We spoke on the phone that morning. Día de Los Muertos. I was on my way to catch the city bus to school. I was running late, as usual, but I missed the first bus and took her call on Facebook Messenger. She liked that app. It was so much better than the international calling cards she used to buy.
“Hola, mi Amor, Como estas?” she trilled in her phone voice, sweeter and shriller and louder than her normal speaking voice.
“Como está la casa?” She sounded happy. Happier than she’d sounded in a long time.
“Bien. Bien.” I replied. “Todo está bien. Pero la casa huella a cigarrillos.”
“Por que?!” she demanded. “Están fumando?!”
“No. No…” I tried not to laugh at the shift in her tone. “Es que quemaron tus frijoles.”

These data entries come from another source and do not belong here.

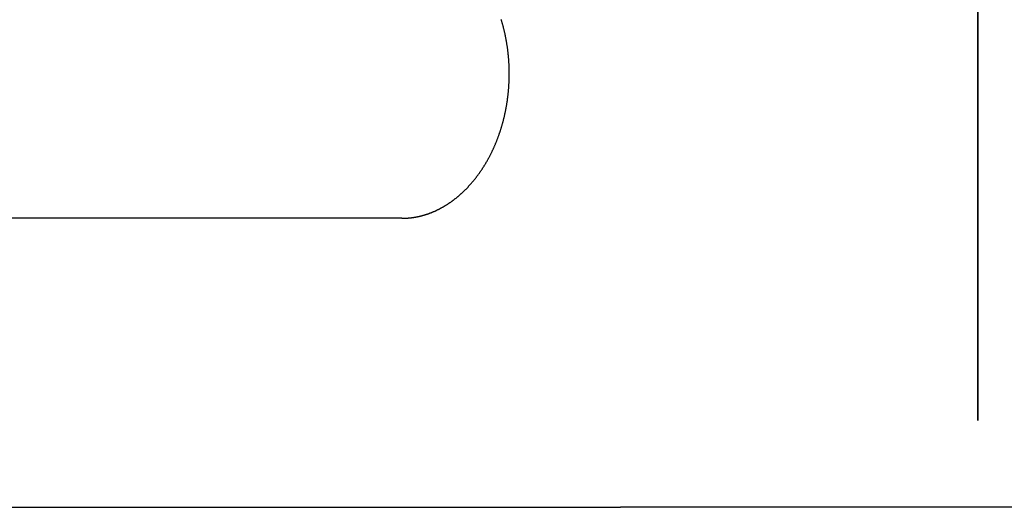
# Model space of a CAD drawing. Extents: x 637 to 3230, y 885 to 2745.
# Tile 81 of 151: x 2915 to 3017, y 1588 to 1639. Entities that reach past the tile are written whole.
import ezdxf

# ---------------------------------------------------------------- set-up
doc = ezdxf.new("R2010")
doc.units = 0
doc.layers.add('KF_GRAVIS_15_REAR', color=7, linetype='CONTINUOUS')

# ---------------------------------------------------------------- blocks, each defined once
blk = doc.blocks.new('KF_GRAVIS_15_REAR')
at = {"layer": 'KF_GRAVIS_15_REAR'}
for p, q in [((-7.31014, -566.50782), (-7.31014, -656)), ((-7.31014, -656), (-7.31014, -566.51528)), ((-67.08433, -635), (-135.40963, -635)), ((-164.4211, -665), (-44.40588, -665)), ((113.8777, -665), (-44.40588, -665))]:
    blk.add_line(p, q, dxfattribs=at)
blk.add_polyline3d([(-67.0843, -635, 0), (-67.0462, -635, 0), (-67.0081, -635, 0), (-66.97, -634.999, 0), (-66.9319, -634.999, 0), (-66.8938, -634.998, 0), (-66.8557, -634.997, 0), (-66.8176, -634.996, 0), (-66.7795, -634.994, 0), (-66.7413, -634.993, 0), (-66.7032, -634.991, 0), (-66.6651, -634.989, 0), (-66.6269, -634.987, 0), (-66.5888, -634.985, 0), (-66.5506, -634.982, 0), (-66.5125, -634.98, 0), (-66.4743, -634.977, 0), (-66.4362, -634.974, 0), (-66.398, -634.971, 0), (-66.3599, -634.968, 0), (-66.3217, -634.964, 0), (-66.2835, -634.96, 0), (-66.2454, -634.956, 0), (-66.2072, -634.952, 0), (-66.169, -634.948, 0), (-66.1309, -634.944, 0), (-66.0927, -634.939, 0), (-66.0545, -634.934, 0), (-66.0163, -634.929, 0), (-65.9781, -634.924, 0), (-65.94, -634.919, 0), (-65.9018, -634.913, 0), (-65.8636, -634.907, 0), (-65.8254, -634.901, 0), (-65.7872, -634.895, 0), (-65.749, -634.889, 0), (-65.7109, -634.882, 0), (-65.6727, -634.876, 0), (-65.6345, -634.869, 0), (-65.5963, -634.862, 0), (-65.5581, -634.855, 0), (-65.5199, -634.847, 0), (-65.4817, -634.84, 0), (-65.4435, -634.832, 0), (-65.4054, -634.824, 0), (-65.3672, -634.816, 0), (-65.329, -634.807, 0), (-65.2908, -634.799, 0), (-65.2526, -634.79, 0), (-65.2144, -634.781, 0), (-65.1763, -634.772, 0), (-65.1381, -634.762, 0), (-65.0999, -634.753, 0), (-65.0617, -634.743, 0), (-65.0236, -634.733, 0), (-64.9854, -634.723, 0), (-64.9472, -634.713, 0), (-64.909, -634.702, 0), (-64.8709, -634.692, 0), (-64.8327, -634.681, 0), (-64.7946, -634.67, 0), (-64.7564, -634.658, 0), (-64.7182, -634.647, 0), (-64.6801, -634.635, 0), (-64.6419, -634.624, 0), (-64.6038, -634.611, 0), (-64.5657, -634.599, 0), (-64.5275, -634.587, 0), (-64.4894, -634.574, 0), (-64.4512, -634.561, 0), (-64.4131, -634.548, 0), (-64.375, -634.535, 0), (-64.3369, -634.522, 0), (-64.2988, -634.508, 0), (-64.2606, -634.494, 0), (-64.2225, -634.48, 0), (-64.1844, -634.466, 0), (-64.1463, -634.452, 0), (-64.1082, -634.437, 0), (-64.0702, -634.422, 0), (-64.0321, -634.407, 0), (-63.994, -634.392, 0), (-63.9559, -634.377, 0), (-63.9179, -634.361, 0), (-63.8798, -634.345, 0), (-63.8417, -634.329, 0), (-63.8037, -634.313, 0), (-63.7657, -634.297, 0), (-63.7276, -634.28, 0), (-63.6896, -634.264, 0), (-63.6516, -634.247, 0), (-63.6135, -634.229, 0), (-63.5755, -634.212, 0), (-63.5375, -634.194, 0), (-63.4995, -634.177, 0), (-63.4615, -634.159, 0), (-63.4236, -634.14, 0), (-63.3856, -634.122, 0), (-63.3476, -634.103, 0), (-63.3096, -634.085, 0), (-63.2717, -634.065, 0), (-63.2337, -634.046, 0), (-63.1958, -634.027, 0), (-63.1579, -634.007, 0), (-63.12, -633.987, 0), (-63.0821, -633.967, 0), (-63.0442, -633.947, 0), (-63.0063, -633.927, 0), (-62.9684, -633.906, 0), (-62.9306, -633.885, 0), (-62.8927, -633.864, 0), (-62.8549, -633.843, 0), (-62.8171, -633.821, 0), (-62.7794, -633.799, 0), (-62.7416, -633.777, 0), (-62.7039, -633.755, 0), (-62.6661, -633.733, 0), (-62.6284, -633.71, 0), (-62.5908, -633.687, 0), (-62.5531, -633.664, 0), (-62.5155, -633.641, 0), (-62.4779, -633.618, 0), (-62.4403, -633.594, 0), (-62.4028, -633.57, 0), (-62.3653, -633.546, 0), (-62.3278, -633.522, 0), (-62.2903, -633.498, 0), (-62.2529, -633.473, 0), (-62.2155, -633.448, 0), (-62.1781, -633.423, 0), (-62.1408, -633.398, 0), (-62.1035, -633.372, 0), (-62.0662, -633.346, 0), (-62.029, -633.32, 0), (-61.9918, -633.294, 0), (-61.9546, -633.268, 0), (-61.9175, -633.241, 0), (-61.8804, -633.215, 0), (-61.8434, -633.188, 0), (-61.8064, -633.16, 0), (-61.7694, -633.133, 0), (-61.7325, -633.105, 0), (-61.6956, -633.077, 0), (-61.6587, -633.049, 0), (-61.622, -633.021, 0), (-61.5852, -632.993, 0), (-61.5485, -632.964, 0), (-61.5118, -632.935, 0), (-61.4752, -632.906, 0), (-61.4386, -632.877, 0), (-61.4021, -632.847, 0), (-61.3657, -632.817, 0), (-61.3292, -632.788, 0), (-61.2929, -632.757, 0), (-61.2565, -632.727, 0), (-61.2203, -632.696, 0), (-61.1841, -632.666, 0), (-61.1479, -632.635, 0), (-61.1118, -632.603, 0), (-61.0758, -632.572, 0), (-61.0398, -632.54, 0), (-61.0038, -632.509, 0), (-60.968, -632.477, 0), (-60.9321, -632.444, 0), (-60.8964, -632.412, 0), (-60.8607, -632.379, 0), (-60.825, -632.346, 0), (-60.7895, -632.313, 0), (-60.754, -632.28, 0), (-60.7185, -632.246, 0), (-60.6831, -632.213, 0), (-60.6478, -632.179, 0), (-60.6125, -632.145, 0), (-60.5774, -632.11, 0), (-60.5422, -632.076, 0), (-60.5072, -632.041, 0), (-60.4722, -632.006, 0), (-60.4373, -631.971, 0), (-60.4025, -631.935, 0), (-60.3677, -631.9, 0), (-60.333, -631.864, 0), (-60.2984, -631.828, 0), (-60.2638, -631.792, 0), (-60.2293, -631.755, 0), (-60.1949, -631.719, 0), (-60.1606, -631.682, 0), (-60.1264, -631.645, 0), (-60.0922, -631.607, 0), (-60.0581, -631.57, 0), (-60.0241, -631.532, 0), (-59.9902, -631.494, 0), (-59.9563, -631.456, 0), (-59.9226, -631.418, 0), (-59.8889, -631.379, 0), (-59.8553, -631.341, 0), (-59.8218, -631.302, 0), (-59.7883, -631.262, 0), (-59.755, -631.223, 0), (-59.7218, -631.183, 0), (-59.6886, -631.144, 0), (-59.6556, -631.104, 0), (-59.6226, -631.064, 0), (-59.5897, -631.023, 0), (-59.557, -630.983, 0), (-59.5243, -630.942, 0), (-59.4917, -630.901, 0), (-59.4592, -630.86, 0), (-59.4268, -630.818, 0), (-59.3946, -630.777, 0), (-59.3624, -630.735, 0), (-59.3303, -630.693, 0), (-59.2983, -630.651, 0), (-59.2664, -630.608, 0), (-59.2346, -630.566, 0), (-59.203, -630.523, 0), (-59.1714, -630.48, 0), (-59.1399, -630.437, 0), (-59.1086, -630.394, 0), (-59.0773, -630.35, 0), (-59.0462, -630.306, 0), (-59.0152, -630.262, 0), (-58.9842, -630.218, 0), (-58.9534, -630.174, 0), (-58.9227, -630.13, 0), (-58.8922, -630.085, 0), (-58.8617, -630.04, 0), (-58.8313, -629.995, 0), (-58.8011, -629.95, 0), (-58.771, -629.904, 0), (-58.741, -629.859, 0), (-58.7111, -629.813, 0), (-58.6813, -629.767, 0), (-58.6517, -629.721, 0), (-58.6221, -629.675, 0), (-58.5927, -629.628, 0), (-58.5634, -629.581, 0), (-58.5343, -629.535, 0), (-58.5052, -629.487, 0), (-58.4763, -629.44, 0), (-58.4475, -629.393, 0), (-58.4189, -629.345, 0), (-58.3903, -629.298, 0), (-58.3619, -629.25, 0), (-58.3337, -629.202, 0), (-58.3055, -629.153, 0), (-58.2775, -629.105, 0), (-58.2496, -629.056, 0), (-58.2219, -629.007, 0), (-58.1943, -628.958, 0), (-58.1668, -628.909, 0), (-58.1394, -628.86, 0), (-58.1122, -628.811, 0), (-58.0852, -628.761, 0), (-58.0582, -628.711, 0), (-58.0314, -628.661, 0), (-58.0048, -628.611, 0), (-57.9783, -628.561, 0), (-57.9519, -628.51, 0), (-57.9257, -628.46, 0), (-57.8996, -628.409, 0), (-57.8736, -628.358, 0), (-57.8478, -628.307, 0), (-57.8222, -628.255, 0), (-57.7967, -628.204, 0), (-57.7713, -628.152, 0), (-57.7461, -628.1, 0), (-57.721, -628.049, 0), (-57.6961, -627.996, 0), (-57.6714, -627.944, 0), (-57.6468, -627.892, 0), (-57.6223, -627.839, 0), (-57.598, -627.787, 0), (-57.5739, -627.734, 0), (-57.5499, -627.681, 0), (-57.526, -627.627, 0), (-57.5024, -627.574, 0), (-57.4788, -627.521, 0), (-57.4555, -627.467, 0), (-57.4323, -627.413, 0), (-57.4092, -627.359, 0), (-57.3863, -627.305, 0), (-57.3636, -627.251, 0), (-57.341, -627.197, 0), (-57.3186, -627.142, 0), (-57.2964, -627.088, 0), (-57.2743, -627.033, 0), (-57.2524, -626.978, 0), (-57.2306, -626.923, 0), (-57.209, -626.868, 0), (-57.1876, -626.812, 0), (-57.1663, -626.757, 0), (-57.1452, -626.701, 0), (-57.1243, -626.646, 0), (-57.1035, -626.59, 0), (-57.0829, -626.534, 0), (-57.0625, -626.478, 0), (-57.0422, -626.422, 0), (-57.0221, -626.365, 0), (-57.0022, -626.309, 0), (-56.9824, -626.252, 0), (-56.9628, -626.195, 0), (-56.9434, -626.139, 0), (-56.9242, -626.082, 0), (-56.9051, -626.025, 0), (-56.8862, -625.967, 0), (-56.8675, -625.91, 0), (-56.8489, -625.853, 0), (-56.8305, -625.795, 0), (-56.8123, -625.737, 0), (-56.7943, -625.68, 0), (-56.7764, -625.622, 0), (-56.7587, -625.564, 0), (-56.7412, -625.506, 0), (-56.7239, -625.447, 0), (-56.7068, -625.389, 0), (-56.6898, -625.331, 0), (-56.673, -625.272, 0), (-56.6564, -625.214, 0), (-56.64, -625.155, 0), (-56.6237, -625.096, 0), (-56.6077, -625.037, 0), (-56.5918, -624.978, 0), (-56.5761, -624.919, 0), (-56.5605, -624.86, 0), (-56.5452, -624.8, 0), (-56.53, -624.741, 0), (-56.5151, -624.681, 0), (-56.5003, -624.622, 0), (-56.4857, -624.562, 0), (-56.4713, -624.502, 0), (-56.4571, -624.442, 0), (-56.443, -624.382, 0), (-56.4292, -624.322, 0), (-56.4155, -624.262, 0), (-56.402, -624.202, 0), (-56.3887, -624.141, 0), (-56.3757, -624.081, 0), (-56.3628, -624.02, 0), (-56.35, -623.96, 0), (-56.3375, -623.899, 0), (-56.3252, -623.839, 0), (-56.3131, -623.778, 0), (-56.3011, -623.717, 0), (-56.2894, -623.656, 0), (-56.2778, -623.595, 0), (-56.2665, -623.534, 0), (-56.2553, -623.472, 0), (-56.2443, -623.411, 0), (-56.2336, -623.35, 0), (-56.223, -623.289, 0), (-56.2126, -623.227, 0), (-56.2024, -623.166, 0), (-56.1924, -623.104, 0), (-56.1826, -623.042, 0), (-56.173, -622.981, 0), (-56.1636, -622.919, 0), (-56.1544, -622.857, 0), (-56.1454, -622.795, 0), (-56.1366, -622.733, 0), (-56.128, -622.671, 0), (-56.1196, -622.609, 0), (-56.1114, -622.547, 0), (-56.1033, -622.485, 0), (-56.0955, -622.423, 0), (-56.0879, -622.36, 0), (-56.0804, -622.298, 0), (-56.0732, -622.236, 0), (-56.0662, -622.173, 0), (-56.0593, -622.111, 0), (-56.0527, -622.048, 0), (-56.0463, -621.986, 0), (-56.04, -621.923, 0), (-56.034, -621.861, 0), (-56.0281, -621.798, 0), (-56.0225, -621.735, 0), (-56.017, -621.673, 0), (-56.0118, -621.61, 0), (-56.0068, -621.547, 0), (-56.0019, -621.484, 0), (-55.9973, -621.422, 0), (-55.9928, -621.359, 0), (-55.9886, -621.296, 0), (-55.9845, -621.233, 0), (-55.9807, -621.17, 0), (-55.977, -621.107, 0), (-55.9736, -621.044, 0), (-55.9703, -620.981, 0), (-55.9673, -620.918, 0), (-55.9644, -620.855, 0), (-55.9618, -620.792, 0), (-55.9593, -620.729, 0), (-55.9571, -620.666, 0), (-55.955, -620.603, 0), (-55.9532, -620.54, 0), (-55.9515, -620.476, 0), (-55.9501, -620.413, 0), (-55.9488, -620.35, 0), (-55.9478, -620.287, 0), (-55.947, -620.224, 0), (-55.9463, -620.161, 0), (-55.9459, -620.097, 0), (-55.9457, -620.034, 0), (-55.9456, -619.971, 0), (-55.9458, -619.908, 0), (-55.9462, -619.845, 0), (-55.9468, -619.782, 0), (-55.9476, -619.718, 0), (-55.9485, -619.655, 0), (-55.9497, -619.592, 0), (-55.9511, -619.529, 0), (-55.9527, -619.466, 0), (-55.9545, -619.403, 0), (-55.9565, -619.34, 0), (-55.9587, -619.277, 0), (-55.9611, -619.214, 0), (-55.9638, -619.15, 0), (-55.9666, -619.087, 0), (-55.9696, -619.024, 0), (-55.9728, -618.961, 0), (-55.9763, -618.898, 0), (-55.9799, -618.835, 0), (-55.9837, -618.772, 0), (-55.9878, -618.71, 0), (-55.992, -618.647, 0), (-55.9965, -618.584, 0), (-56.0011, -618.521, 0), (-56.006, -618.458, 0), (-56.011, -618.395, 0), (-56.0163, -618.333, 0), (-56.0217, -618.27, 0), (-56.0274, -618.207, 0), (-56.0332, -618.145, 0), (-56.0393, -618.082, 0), (-56.0455, -618.02, 0), (-56.052, -617.957, 0), (-56.0586, -617.895, 0), (-56.0655, -617.832, 0), (-56.0726, -617.77, 0), (-56.0798, -617.707, 0), (-56.0872, -617.645, 0), (-56.0949, -617.583, 0), (-56.1027, -617.521, 0), (-56.1108, -617.458, 0), (-56.119, -617.396, 0), (-56.1274, -617.334, 0), (-56.1361, -617.272, 0), (-56.1449, -617.21, 0), (-56.1539, -617.148, 0), (-56.1631, -617.087, 0), (-56.1725, -617.025, 0), (-56.1821, -616.963, 0), (-56.1919, -616.902, 0), (-56.2019, -616.84, 0), (-56.2121, -616.778, 0), (-56.2225, -616.717, 0), (-56.233, -616.656, 0), (-56.2438, -616.594, 0), (-56.2548, -616.533, 0), (-56.2659, -616.472, 0), (-56.2772, -616.411, 0), (-56.2888, -616.35, 0), (-56.3005, -616.289, 0), (-56.3124, -616.228, 0), (-56.3245, -616.167, 0), (-56.3368, -616.106, 0), (-56.3493, -616.045, 0), (-56.3619, -615.985, 0), (-56.3748, -615.924, 0), (-56.3879, -615.864, 0), (-56.4011, -615.804, 0), (-56.4145, -615.743, 0), (-56.4281, -615.683, 0), (-56.4419, -615.623, 0), (-56.4559, -615.563, 0), (-56.4701, -615.503, 0), (-56.4844, -615.443, 0), (-56.499, -615.383, 0), (-56.5137, -615.324, 0), (-56.5286, -615.264, 0), (-56.5437, -615.205, 0), (-56.559, -615.145, 0), (-56.5745, -615.086, 0), (-56.5902, -615.027, 0), (-56.606, -614.968, 0), (-56.622, -614.909, 0), (-56.6382, -614.85, 0), (-56.6546, -614.791, 0), (-56.6712, -614.733, 0), (-56.688, -614.674, 0), (-56.7049, -614.616, 0), (-56.722, -614.557, 0), (-56.7393, -614.499, 0), (-56.7568, -614.441, 0), (-56.7745, -614.383, 0)], dxfattribs=at)

msp = doc.modelspace()

# ---------------------------------------------------------------- block references
at = {"layer": 'KF_GRAVIS_15_REAR'}
msp.add_blockref('KF_GRAVIS_15_REAR', (3021.44, 2253.1), dxfattribs=at)

doc.saveas('drawing.dxf')

She’d left us several huge tubs of boiled, red beans in the fridge when she left. We’d been slowly working through them over the course of the three weeks she’d been gone. This last batch caught fire. My mother lost track of time and left them unattended. The whole house was filled with what might be mistaken for the smell of stale cigarette smoke. Burnt beans.
Since then, she’d made her way back to her hometown of Santa Farsa, a small pueblo in the mountains near the Salvadoran-Guatemalan border.
“Heeee…” She inhaled sharply. “Quien los quemo?”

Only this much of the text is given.